Cell body in the CNS but also autonomic ganglia as there is a preganglion and postganglionic fibre
From CN I to XII, what is the order of the cranial nerves?
- Olfactory (CN I)
- Optic (CN II)
- Oculomotor (CN III)
- Trochlear (CN VI)
- Trigeminal (CN V)
- Abducent (CN VI)
- Facial (CN VII)
- Vestibulocochlear (CN VIII)
- Glossopharyngeal (CN IX)
- Vagus (CN X)
- Accessory (CN XI)
- Hypoglossal (CN XII)
What is the component and the pathway of the olfactory nerve (CN I)?
- Special sense - smell
- Receptors in olfactory epithelium of nasal cavity, olfactory nerve fibres pass through foraminifera in cribriform plate of ethmoid bone and enter olfactory bulb in the anterior cranial fossa
What can occur if the the cribriform plate fractures?
May tear the olfactory nerve passing through it causing anosmia (loss of smell)
What is the component and pathway of the optic nerve (CN II)?
- Special sensory - vision
- Enters via optic canal, nerves join to form optic chiasm, fibres from medial (nasal) half of each retina cross to form optic tract
Name some clinical applications that occur with damage to the optic nerve (CN II)
- Increase in CSF pressure can cause papilloedema
- Section of right optic nerve causes blindness through right eye
- Section of optic chiasm causes loss of peripheral vision (bitemporal hemianopsia)
- Section of right optic tract causes blindness in left temporal and right nasal fields (left homonymous hemianopsia)
What are the components of the occulomotor nerve (CN III)?

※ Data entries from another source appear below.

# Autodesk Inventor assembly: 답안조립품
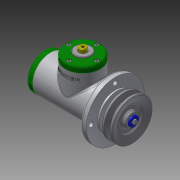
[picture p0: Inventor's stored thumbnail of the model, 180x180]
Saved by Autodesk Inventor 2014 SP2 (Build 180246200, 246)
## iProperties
Created: 2016-08
Part Number: 답안조립품
Document SubType Name: Assembly
Designer: 달림반
Author: 달림반
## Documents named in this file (25)
- C:\Users\달림반\Desktop\460807V1015\답안조립품.iam
- C:\Users\달림반\Desktop\460807V1015\1본체.ipt
- C:\Users\달림반\Desktop\460807V1015\V-벨트풀리.ipt
- C:\Users\달림반\Desktop\460807V1015\너트 M10.ipt
- C:\Users\달림반\Desktop\460807V1015\링크.ipt
- C:\Users\달림반\Desktop\460807V1015\멈춤링 15 x 1.ipt
- C:\Users\달림반\Desktop\460807V1015\멈춤링 35x1.6.ipt
- C:\Users\달림반\Desktop\460807V1015\베어링 15 x 35 x 11.ipt
- C:\Users\달림반\Desktop\460807V1015\볼트 M4 x 10.ipt
- C:\Users\달림반\Desktop\460807V1015\볼트 M4 x 12.ipt
- C:\Users\달림반\Desktop\460807V1015\부시1.ipt
- C:\Users\달림반\Desktop\460807V1015\부시2.ipt
- C:\Users\달림반\Desktop\460807V1015\분할핀 1.6 x 12.ipt
- C:\Users\달림반\Desktop\460807V1015\사이드 커버.ipt
- 사이드 커버.ipt
- C:\Users\달림반\Desktop\460807V1015\슬라이더.ipt
- C:\Users\달림반\Desktop\460807V1015\오일 실 15 25 7.ipt
- C:\Users\달림반\Desktop\460807V1015\와셔 4x16.ipt
- C:\Users\달림반\Desktop\460807V1015\와셔 10x21.ipt
- C:\Users\달림반\Desktop\460807V1015\클래스터 핀 6 x 24.ipt
- C:\Users\달림반\Desktop\460807V1015\키 4 x 4 x 18.ipt
- C:\Users\달림반\Desktop\460807V1015\탑 부시.ipt
- C:\Users\달림반\Desktop\460807V1015\탑 커버.ipt
- 탑 커버.ipt
- C:\Users\달림반\Desktop\460807V1015\편심축.ipt
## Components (7 placed, 4 different names)
1. 1본체:1
2. V-벨트풀리:1
3. ISO 4017 M4 x 10:1
4. ISO 4762 M4 x 12:1
5. ISO 4762 M4 x 12:2
6. ISO 4762 M4 x 12:3
7. ISO 4762 M4 x 12:4

- Somatic motor - extraocular muscles (superior, medial & inferior rectus and inferior oblique) and eyelid (levator palpebrae superioris)
- Visceral motor - parasympathetic to pupil causing constriction and to ciliary muscle causing accommodation of the lens
What is the pathway of the oculomotor nerve (CN III)?
Emerges from midbrain and exits via superior orbital fissure
What is the clinical application of the oculomotor nerve?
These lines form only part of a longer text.